If the test throws an exception, you might be tempted to use %debug to look at it.  Unfortunately the main location where exceptions get thrown has already lost the context of the error.  Instead what you generally have to do is figure out where in the test suite the failure was and add a `breakpoint()` (also known as `import pdb; pdb.set_trace()` to old-schoolers) there, then run it again.   Hint: the error message will probably contain an Excel range, like B91:C137.  This is a good string to search for in `test_excel_integration.py`.

From there, you work your way back to the same questions we were working on above: is this a failure in extraction, model code, the excel workbook, or the test?  Rinse and repeat.

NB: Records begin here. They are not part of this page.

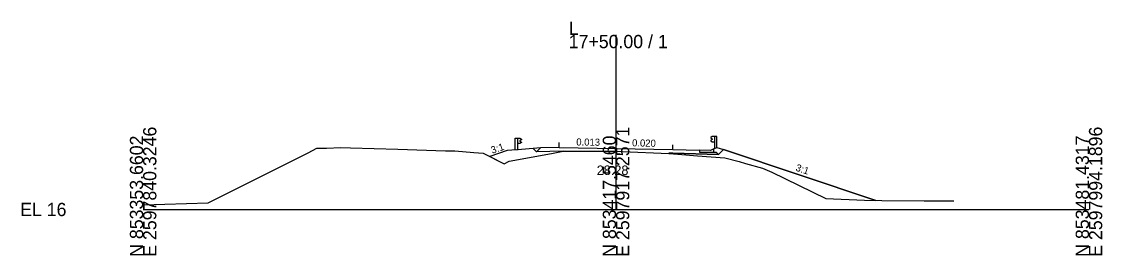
# Model space of a CAD drawing. Extents: x -26 to 1203, y -10 to 9526.
# Drawn here: x -25.7 to 202.8, y 7490.3 to 7539.7 of the extents above; entities that cross this region are included whole.
import ezdxf

# ---------------------------------------------------------------- set-up
doc = ezdxf.new("R2010")
doc.units = 0
for name, color, linetype in [('Exist Cross Section Cell', 7, 'Continuous'), ('Exist XS Center Line Elevation Label', 7, 'Continuous'), ('Exist XS Ground Line', 7, 'Continuous'), ('Prop XS Earthwork Shape', 7, 'Continuous'), ('Prop XS EOT Tick Mark', 7, 'Continuous'), ('Prop XS Finish Grade', 7, 'Continuous'), ('Prop XS Finish Grade Earthwork', 7, 'Continuous'), ('Prop XS Finish Grade Paved Shoulder', 7, 'Continuous'), ('Prop XS Finish Grade Pavement', 7, 'Continuous'), ('Prop XS Guardrail', 7, 'Continuous'), ('Prop XS Pvmt Edge Slope', 7, 'Continuous'), ('Prop XS SBG', 7, 'Continuous'), ('Prop XS SE Text', 7, 'Continuous'), ('Prop XS Side Slope Text', 7, 'Continuous'), ('Prop XS Subgrade Earthwork', 7, 'Continuous')]:
    doc.layers.add(name, color=color, linetype=linetype)

msp = doc.modelspace()

# ---------------------------------------------------------------- linework, layer by layer
at = {"layer": 'Exist Cross Section Cell'}
for p, q in [((100, 7500), (100, 7536.86)), ((0, 7500), (100, 7500)), ((100, 7500), (200, 7500))]:
    msp.add_line(p, q, dxfattribs=at)
at = {"layer": 'Exist XS Ground Line'}
for p, q in [((13.74, 7501.4), (34.92, 7511.99)), ((34.92, 7511.99), (36.76, 7512.91)), ((36.76, 7512.91), (38.76, 7512.97)), ((38.76, 7512.97), (41.83, 7513.06)), ((41.83, 7513.06), (43.83, 7513.01)), ((43.83, 7513.01), (53.87, 7512.71)), ((53.87, 7512.71), (63.92, 7512.41)), ((63.92, 7512.41), (65.92, 7512.36)), ((65.92, 7512.36), (69.93, 7512.03)), ((69.93, 7512.03), (71.93, 7511.87)), ((71.93, 7511.87), (76.36, 7509.66)), ((86.37, 7511.81), (88.83, 7512.28)), ((88.83, 7512.28), (89.98, 7512.29)), ((89.98, 7512.29), (100.2, 7512.28)), ((100.2, 7512.28), (101.34, 7512.25)), ((101.34, 7512.25), (111.17, 7511.85)), ((76.36, 7509.66), (77.38, 7510.19)), ((77.38, 7510.19), (86.37, 7511.81)), ((111.17, 7511.85), (113.1, 7511.68)), ((113.1, 7511.68), (117.21, 7511.35)), ((117.21, 7511.35), (123.01, 7510.9)), ((123.01, 7510.9), (126.01, 7510.14)), ((126.01, 7510.14), (127.39, 7509.7)), ((127.39, 7509.7), (130.97, 7508.72)), ((130.97, 7508.72), (132.96, 7507.87)), ((132.96, 7507.87), (144.33, 7502.3)), ((0, 7500.98), (13.74, 7501.4)), ((144.33, 7502.3), (152.53, 7501.97)), ((152.53, 7501.97), (156.23, 7501.89)), ((156.23, 7501.89), (165.12, 7501.83)), ((165.12, 7501.83), (171.46, 7501.8))]:
    msp.add_line(p, q, dxfattribs=at)
at = {"layer": 'Prop XS Earthwork Shape'}
for points in [[(77.38, 7510.19), (86.37, 7511.81), (88.83, 7512.28), (83.19, 7512.17), (82.5, 7512.86), (80.01, 7512.66), (77.01, 7512.42), (73.31, 7511.18), (76.36, 7509.66)], [(111.17, 7511.85), (113.1, 7511.68), (117.21, 7511.35), (123.01, 7510.9), (126.01, 7510.14), (127.39, 7509.7), (130.97, 7508.72), (132.96, 7507.87), (144.33, 7502.3), (152.53, 7501.97), (154.93, 7501.92), (122.69, 7512.67), (121.66, 7511.64), (112, 7511.86), (111.17, 7511.88)]]:
    msp.add_lwpolyline(points, close=True, dxfattribs=at)
at = {"layer": 'Prop XS EOT Tick Mark'}
for p, q in [((88, 7513.13), (88, 7514.13)), ((88, 7513.06), (88, 7514.06)), ((112, 7512.65), (112, 7513.65))]:
    msp.add_line(p, q, dxfattribs=at)
at = {"layer": 'Prop XS Finish Grade'}
for p, q in [((84, 7512.98), (82.5, 7512.86)), ((120.67, 7512.79), (121.31, 7513.11)), ((121.33, 7513.12), (122.69, 7512.67))]:
    msp.add_line(p, q, dxfattribs=at)
at = {"layer": 'Prop XS Finish Grade Earthwork'}
for p, q in [((77.01, 7512.42), (73.31, 7511.18)), ((80.01, 7512.66), (77.01, 7512.42)), ((82.5, 7512.86), (80.01, 7512.66)), ((122.69, 7512.67), (154.93, 7501.92))]:
    msp.add_line(p, q, dxfattribs=at)
at = {"layer": 'Prop XS Finish Grade Paved Shoulder'}
for p, q in [((88, 7513.06), (84, 7512.98)), ((112, 7512.65), (117.67, 7512.54))]:
    msp.add_line(p, q, dxfattribs=at)
at = {"layer": 'Prop XS Finish Grade Pavement'}
for p, q in [((88, 7513.06), (100, 7512.89)), ((100, 7512.89), (112, 7512.65))]:
    msp.add_line(p, q, dxfattribs=at)
at = {"layer": 'Prop XS Guardrail'}
for p, q in [((78.69, 7515.05), (79.19, 7515.05)), ((78.69, 7512.55), (78.69, 7515.05)), ((79.19, 7515.05), (79.69, 7515.05)), ((79.19, 7515.05), (79.19, 7512.55)), ((79.69, 7515.05), (79.98, 7514.85)), ((79.98, 7514.73), (79.69, 7514.53)), ((79.69, 7514.53), (79.69, 7514.44)), ((79.69, 7514.44), (79.98, 7514.24)), ((79.98, 7514.85), (80.01, 7514.79)), ((80.01, 7514.79), (79.98, 7514.73)), ((79.98, 7514.24), (80.01, 7514.18)), ((80.01, 7514.18), (79.98, 7514.12)), ((120.04, 7515.21), (120.01, 7515.15)), ((120.01, 7515.15), (120.04, 7515.09)), ((120.04, 7514.6), (120.01, 7514.54)), ((120.01, 7514.54), (120.04, 7514.48)), ((120.33, 7515.41), (120.04, 7515.21)), ((120.04, 7515.09), (120.33, 7514.89)), ((120.33, 7514.8), (120.04, 7514.6)), ((120.04, 7514.48), (120.33, 7514.28)), ((120.83, 7515.41), (120.33, 7515.41)), ((120.33, 7514.89), (120.33, 7514.8)), ((120.33, 7514.28), (120.83, 7514.28)), ((121.33, 7515.41), (120.83, 7515.41)), ((120.83, 7515.41), (120.83, 7512.87)), ((121.33, 7513.12), (121.33, 7515.41)), ((79.69, 7513.92), (79.19, 7513.92)), ((79.98, 7514.12), (79.69, 7513.92))]:
    msp.add_line(p, q, dxfattribs=at)
at = {"layer": 'Prop XS Pvmt Edge Slope'}
for p, q in [((84, 7512.98), (83.19, 7512.17)), ((120.67, 7512.12), (121.17, 7512.12)), ((121.17, 7512.12), (121.66, 7511.64))]:
    msp.add_line(p, q, dxfattribs=at)
at = {"layer": 'Prop XS SBG'}
for p, q in [((117.67, 7512.54), (117.67, 7512.12)), ((120, 7512.46), (117.67, 7512.54)), ((117.67, 7512.12), (120.67, 7512.12)), ((120.67, 7512.79), (120, 7512.46)), ((120.67, 7512.12), (120.67, 7512.79))]:
    msp.add_line(p, q, dxfattribs=at)
at = {"layer": 'Prop XS Subgrade Earthwork'}
for p, q in [((83.19, 7512.17), (82.5, 7512.86)), ((88.83, 7512.28), (83.19, 7512.17)), ((111.17, 7511.85), (111.17, 7511.88)), ((111.17, 7511.88), (112, 7511.86)), ((121.66, 7511.64), (122.69, 7512.67)), ((112, 7511.86), (121.66, 7511.64))]:
    msp.add_line(p, q, dxfattribs=at)

# ---------------------------------------------------------------- texts
at = {"layer": 'Exist Cross Section Cell'}
for s, p in [('L', (90, 7536.86)), ('17+50.00 / 1', (90, 7534.06)), ('EL 16', (-26, 7498.6))]:
    msp.add_text(s, height=2.8, dxfattribs=at).set_placement(p)
for s, p in [('E 2597840.3246', (2.8, 7490)), ('E 2597917.2571', (102.8, 7490)), ('E 2597994.1896', (202.8, 7490)), ('N 853353.6602', (0, 7490)), ('N 853417.5460', (100, 7490)), ('N 853481.4317', (200, 7490))]:
    msp.add_text(s, height=2.8, rotation=90, dxfattribs=at).set_placement(p)
at = {"layer": 'Exist XS Center Line Elevation Label'}
msp.add_text('28.28', height=2, dxfattribs=at).set_placement((95.93, 7507.28))
at = {"layer": 'Prop XS SE Text'}
for s, rotation, p in [('0.013', 359.2286, (91.59, 7513.51)), ('0.020', 358.8542, (103.38, 7513.33))]:
    msp.add_text(s, height=1.5, rotation=rotation, dxfattribs=at).set_placement(p)
at = {"layer": 'Prop XS Side Slope Text'}
for rotation, p in [(18.4349, (73.83, 7511.75)), (341.5651, (137.86, 7508.22))]:
    msp.add_text('3:1', height=1.5, rotation=rotation, dxfattribs=at).set_placement(p)

doc.saveas('drawing.dxf')
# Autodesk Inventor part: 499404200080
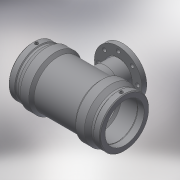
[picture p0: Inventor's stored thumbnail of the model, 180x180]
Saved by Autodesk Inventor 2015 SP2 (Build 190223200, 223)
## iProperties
Created: 2017-06
Part Number: 499404200080
Material: Generic
Description: PLASSON FLANGED TEE 200x80x200
Document SubType Name: Modeling
Designer: KIM
Mass: 57.3761 g
Surface Area: 241.06 cm^2
Volume: 57.3761 cm^3
Density: 1 g/cm^3
Appearance: Default
Author: KIM
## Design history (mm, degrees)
derived "499404.ipt"
feature "Solid1::499404.ipt"
tag "TaggingFeature1"
body "Solid1"
other parameters: "d13" = 451, "d14" = 17.6296, "d19" = 3.52592, "d20" = 168 deg, "d22" = 242.73, "d23" = 261, "d24" = 235.4481, "d25" = 135 deg, "d26" = 315.7, "d27" = 135 deg, "d29" = 125, "d35" = 15, "d39" = 5 deg, "d45" = 4, "d46" = 14, "d47" = 0, "d55" = 234.9, "d56" = 261, "d57" = 157.85, "d58" = 135 deg, "d59" = 114, "d60" = 114, "d61" = 135 deg, "d72" = 205.205, "d73" = 102.6025, "d87" = 138, "d89" = 96, "d91" = 15 deg, "d92" = 104, "d95" = 4.14, "d97" = 18, "d100" = 0, "d102" = 360 deg, "d105" = 0, "d107" = 0, "d108" = 3, "d109" = 0, "d110" = 34.2, "d111" = 11.4, "L_" = 451, "L_1" = 114, "D_" = 261, "A_" = 125, "d_2" = 12, "d_1" = 138, "s_" = 18
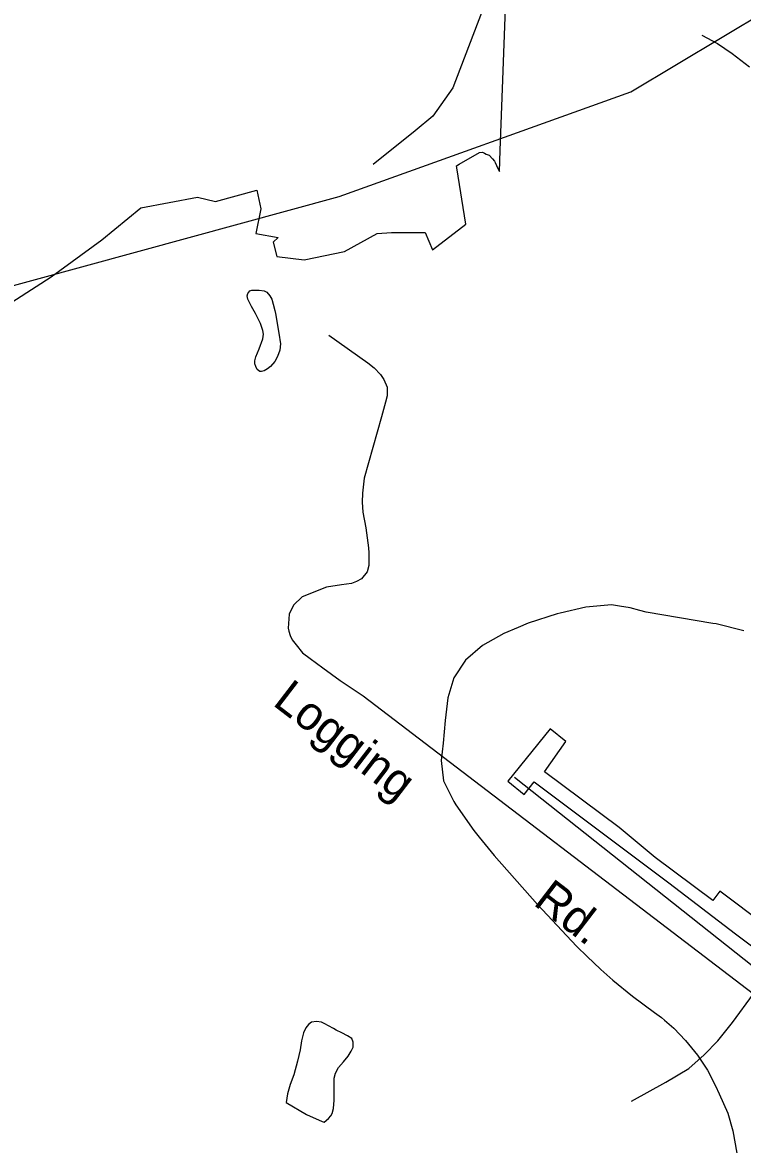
# Model space of a CAD drawing. Extents: x 2001466 to 2224147, y 644118 to 847247.
# Drawn here: x 2043610 to 2045643, y 687083 to 690251 of the extents above; entities that cross this region are included whole.
import ezdxf

# ---------------------------------------------------------------- set-up
doc = ezdxf.new("R2010")
doc.units = 0
for name, color, linetype in [('Exist Boundary Political City Limit New', 7, 'Continuous'), ('Exist Hydrographic Creek Single Shore', 7, 'Continuous'), ('Exist Hydrographic Misc Water Feature', 7, 'Continuous'), ('Exist Road Non-System Type 51', 7, 'Continuous'), ('Exist Road Non-System Type 51 Label', 7, 'Continuous'), ('Map Preparation Boundary City Limit Buffer Line', 7, 'Continuous')]:
    doc.layers.add(name, color=color, linetype=linetype)

msp = doc.modelspace()

# ---------------------------------------------------------------- linework, layer by layer
at = {"layer": 'Exist Boundary Political City Limit New'}
for points in [[(2044835, 689846.6), (2044842.9, 689851.1), (2044900.8, 689884.4), (2044909.1, 689884.7), (2044914.5, 689882.5), (2044918.8, 689879.3), (2044927.8, 689876.4), (2044937.2, 689866.1), (2044942.6, 689859.2), (2044945, 689855.4), (2044948.5, 689847.6), (2044951.1, 689840.3), (2044956.9, 689830.8), (2044959, 689889.5), (2044966.4, 690089.1), (2044973.9, 690291.7)], [(2043536.1, 689433.8), (2043691.1, 689533.4), (2043833.6, 689637.8), (2043944.5, 689727.9), (2044023.9, 689742.9), (2044104.2, 689758), (2044154.9, 689746.1), (2044271.5, 689777.8), (2044283.2, 689725.4), (2044268.4, 689655.2), (2044331.5, 689644.1), (2044318, 689631), (2044328.2, 689590.5), (2044405.1, 689580.6), (2044518.8, 689604.4), (2044611.2, 689655.2), (2044652.2, 689657.8), (2044701.2, 689658.2), (2044747.1, 689658.6), (2044767.2, 689608.8), (2044861.4, 689681.7), (2044835.9, 689840.8), (2044835, 689846.6)]]:
    msp.add_lwpolyline(points, dxfattribs=at)
at = {"layer": 'Exist Hydrographic Creek Single Shore'}
for points in [[(2042866.1, 689196.4), (2042905, 689208.6), (2043363.1, 689448.6), (2044504, 689760.1), (2045328.1, 690055.1), (2045714.7, 690286.8)], [(2047822.9, 684802.5), (2047762.9, 684808.5), (2047728.8, 684842), (2047654, 685083.1), (2047569.9, 685242.2), (2047378, 685449.5), (2047152.9, 685624.7), (2046968.9, 685848.3), (2046860.9, 686057.2), (2046727, 686266.6), (2046584.9, 686430.3), (2046425.9, 686689.4), (2046383.9, 686874), (2046383.9, 686998.7), (2046350.9, 687048.6), (2044999, 688119.4)]]:
    msp.add_lwpolyline(points, dxfattribs=at)
at = {"layer": 'Exist Hydrographic Misc Water Feature'}
for p, q in [((2045128.4, 688583.5), (2045120, 688581.6)), ((2044803.2, 688280.6), (2044798, 688216.6)), ((2044828, 688052), (2044833.1, 688041.8))]:
    msp.add_line(p, q, dxfattribs=at)
for points in [[(2045528.2, 690215.7), (2045572.5, 690191.9), (2045614.3, 690163.9), (2045662.5, 690126.1)], [(2044324.2, 689429.6), (2044334.2, 689373.7), (2044338.1, 689343.6), (2044336.3, 689325.6), (2044330.3, 689307.6), (2044322.3, 689293.7), (2044310.2, 689279.6), (2044302.2, 689273.6), (2044292.4, 689267.6), (2044284.4, 689265.6), (2044280.3, 689265.5), (2044272.3, 689271.5), (2044268.4, 689279.6), (2044266.3, 689287.6), (2044266.3, 689295.5), (2044268.4, 689307.5), (2044278.2, 689329.5), (2044288.3, 689357.5), (2044290.1, 689371.5), (2044288.3, 689381.5), (2044282.1, 689401.5), (2044268, 689429.5), (2044256.1, 689449.5), (2044246, 689469.5), (2044244, 689479.5), (2044246, 689485.5), (2044252, 689493.5), (2044257.9, 689495.5), (2044278, 689495.5), (2044292, 689493.5), (2044300, 689489.5), (2044308, 689479.6), (2044313.9, 689469.6), (2044318, 689455.6), (2044322.1, 689437.6), (2044324.2, 689429.6)], [(2045231.7, 688602.9), (2045201, 688600.1), (2045128.4, 688583.5)], [(2045231.7, 688602.9), (2045201, 688600.1), (2045128.4, 688583.5)], [(2045295.3, 688603.4), (2045272.9, 688606.8), (2045231.7, 688602.9)], [(2045295.3, 688603.4), (2045272.9, 688606.8), (2045231.7, 688602.9)], [(2045352.9, 688591.3), (2045326, 688598.8), (2045295.3, 688603.4)], [(2045352.9, 688591.3), (2045326, 688598.8), (2045295.3, 688603.4)], [(2045120, 688581.6), (2045038.2, 688555.1), (2045009.9, 688543.2)], [(2045120, 688581.6), (2045038.2, 688555.1), (2045009.9, 688543.2)], [(2045559, 688554.5), (2045371, 688586.1), (2045352.9, 688591.3)], [(2045559, 688554.5), (2045371, 688586.1), (2045352.9, 688591.3)], [(2045009.9, 688543.2), (2044969, 688526.1), (2044909, 688491.9)], [(2045009.9, 688543.2), (2044969, 688526.1), (2044909, 688491.9)], [(2045647, 688533.7), (2045568.2, 688552.9), (2045559, 688554.5)], [(2044909, 688491.9), (2044861, 688450.7), (2044828, 688401.1)], [(2044909, 688491.9), (2044861, 688450.7), (2044828, 688401.1)], [(2044828, 688401.1), (2044810.7, 688344.1), (2044803.2, 688280.6)], [(2044828, 688401.1), (2044810.7, 688344.1), (2044803.2, 688280.6)], [(2045811.2, 687572.6), (2045836.8, 687604.8), (2045578.9, 687798.5), (2045558.8, 687772.3), (2045396.8, 687893.9), (2045294.7, 687977.9), (2045084.1, 688135.2), (2045144, 688221.4), (2045100.3, 688257.2), (2044980.3, 688109.1), (2045026.3, 688071.3), (2045054.3, 688107.2), (2045272.7, 687943.5), (2045434.9, 687821.9), (2045623, 687678.3), (2045792.9, 687550.7), (2045811.2, 687572.6)], [(2044798, 688216.6), (2044791.9, 688167.3), (2044798.9, 688109.5), (2044828, 688052)], [(2044798, 688216.6), (2044791.9, 688167.3), (2044798.9, 688109.5), (2044828, 688052)], [(2044833.1, 688041.8), (2044884, 687970), (2044899.5, 687951)], [(2044833.1, 688041.8), (2044884, 687970), (2044899.5, 687951)], [(2044899.5, 687951), (2044942, 687899.1), (2045064, 687760.6), (2045173.9, 687643.3), (2045205.5, 687612.8)], [(2044899.5, 687951), (2044942, 687899.1), (2045064, 687760.6), (2045173.9, 687643.3), (2045205.5, 687612.8)], [(2045205.5, 687612.8), (2045222.3, 687596.6), (2045243.4, 687577.5)], [(2045205.5, 687612.8), (2045222.3, 687596.6), (2045243.4, 687577.5)], [(2045243.4, 687577.5), (2045277, 687547.5), (2045332, 687501.9), (2045394.3, 687456.2)], [(2045243.4, 687577.5), (2045277, 687547.5), (2045332, 687501.9), (2045394.3, 687456.2)], [(2045394.3, 687456.2), (2045414, 687441.8), (2045422.6, 687434.3)], [(2045394.3, 687456.2), (2045414, 687441.8), (2045422.6, 687434.3)], [(2044412.3, 687168.2), (2044456.2, 687148.3), (2044462.2, 687146.3), (2044474.3, 687156.3), (2044480.2, 687164.3), (2044484.3, 687170.3), (2044488.2, 687184.3), (2044490, 687208.3), (2044490, 687234.3), (2044490, 687270.3), (2044493.9, 687284.3), (2044501.9, 687300.3), (2044515.9, 687316.3), (2044529.8, 687332.3), (2044537.8, 687346.4), (2044543.8, 687358.4), (2044543.8, 687372.4), (2044539.7, 687382.4), (2044527.8, 687390.4), (2044511.8, 687398.4), (2044495.8, 687406.3), (2044487.8, 687410.3), (2044473.8, 687418.2), (2044463.8, 687424.2), (2044453.8, 687428.2), (2044439.8, 687430.1), (2044425.7, 687428.1), (2044417.7, 687422.1), (2044409.7, 687412.1), (2044403.7, 687398.1), (2044397.8, 687376.1), (2044393.9, 687350.1), (2044386.1, 687318.1), (2044376, 687280.1), (2044366.2, 687252.1), (2044358.2, 687226), (2044354.1, 687202), (2044412.3, 687168.2)], [(2045422.6, 687434.3), (2045449.1, 687411.5), (2045481.9, 687376.8)], [(2045422.6, 687434.3), (2045449.1, 687411.5), (2045481.9, 687376.8)], [(2045481.9, 687376.8), (2045515.7, 687335.6), (2045543.8, 687292.8)], [(2045481.9, 687376.8), (2045515.7, 687335.6), (2045543.8, 687292.8)], [(2045543.8, 687292.8), (2045567, 687248.8), (2045577.2, 687226.1)], [(2045543.8, 687292.8), (2045567, 687248.8), (2045577.2, 687226.1)], [(2045577.2, 687226.1), (2045602, 687171.7), (2045616, 687121.3)], [(2045577.2, 687226.1), (2045602, 687171.7), (2045616, 687121.3)], [(2045616, 687121.3), (2045626.9, 687059.1), (2045640, 686935.9), (2045639, 686888.5), (2045635.1, 686860.3)], [(2045616, 687121.3), (2045626.9, 687059.1), (2045640, 686935.9), (2045639, 686888.5), (2045635.1, 686860.3)]]:
    msp.add_lwpolyline(points, dxfattribs=at)
at = {"layer": 'Exist Road Non-System Type 51'}
for points in [[(2044918.7, 690310.2), (2044825.2, 690066.8), (2044768.8, 689986.6), (2044718.4, 689945.1), (2044599.7, 689850)], [(2044474.8, 689368.3), (2044585.2, 689290.1), (2044603, 689275.7), (2044620.6, 689257.3), (2044630.3, 689243.1), (2044639.8, 689221), (2044639.3, 689197), (2044635, 689179.1), (2044624.1, 689137.3), (2044574.6, 688964.3), (2044569.7, 688922.4), (2044569.2, 688896.4), (2044570.6, 688868.4), (2044579.7, 688824.2), (2044586.6, 688768), (2044588.3, 688754), (2044587.9, 688736), (2044587.6, 688718), (2044583.2, 688700.1), (2044566.8, 688680.4), (2044552.6, 688672.7), (2044538.5, 688667), (2044510.5, 688663.6), (2044468.3, 688656.4), (2044399.8, 688629.8), (2044375.3, 688606.3), (2044362.8, 688580.6), (2044359.9, 688540.6), (2044361.8, 688532.6), (2044365.5, 688520.5), (2044371.3, 688508.4), (2044383, 688494.2), (2044400.5, 688471.8), (2044422.2, 688455.4), (2044457.7, 688428.6), (2044506.9, 688393.6), (2044572.1, 688350.3), (2045673.9, 687508.5)], [(2045330, 687205.2), (2045426.5, 687259.3), (2045491.5, 687298), (2045534.8, 687336.7), (2045573.4, 687375.4), (2045615.2, 687428), (2045673.9, 687508.5)]]:
    msp.add_lwpolyline(points, dxfattribs=at)
at = {"layer": 'Map Preparation Boundary City Limit Buffer Line'}
for points in [[(2044835, 689846.6), (2044842.9, 689851.1), (2044900.8, 689884.4), (2044909.1, 689884.7), (2044914.5, 689882.5), (2044918.8, 689879.3), (2044927.8, 689876.4), (2044937.2, 689866.1), (2044942.6, 689859.2), (2044945, 689855.4), (2044948.5, 689847.6), (2044951.1, 689840.3), (2044956.9, 689830.8), (2044959, 689889.5), (2044966.4, 690089.1), (2044973.9, 690291.7)], [(2043536.1, 689433.8), (2043691.1, 689533.4), (2043833.6, 689637.8), (2043944.5, 689727.9), (2044023.9, 689742.9), (2044104.2, 689758), (2044154.9, 689746.1), (2044271.5, 689777.8), (2044283.2, 689725.4), (2044268.4, 689655.2), (2044331.5, 689644.1), (2044318, 689631), (2044328.2, 689590.5), (2044405.1, 689580.6), (2044518.8, 689604.4), (2044611.2, 689655.2), (2044652.2, 689657.8), (2044701.2, 689658.2), (2044747.1, 689658.6), (2044767.2, 689608.8), (2044861.4, 689681.7), (2044835.9, 689840.8), (2044835, 689846.6)]]:
    msp.add_lwpolyline(points, dxfattribs=at)

# ---------------------------------------------------------------- texts
at = {"layer": 'Exist Road Non-System Type 51 Label'}
for s, p in [('Logging', (2044313.2, 688325.9)), ('Rd.', (2045049.2, 687761.8))]:
    msp.add_text(s, height=95, rotation=322.5326, dxfattribs=at).set_placement(p)

doc.saveas('drawing.dxf')

Helpful hint: are you looking at an excel formula with five nested `IF(...` expressions?  Try [https://www.excelformulabeautifier.com/](https://www.excelformulabeautifier.com/).  You're welcome.

# You Finished!
Did you get a clean test run?  Hurrah!  You've finished this import task.  Project Drawdown thanks you!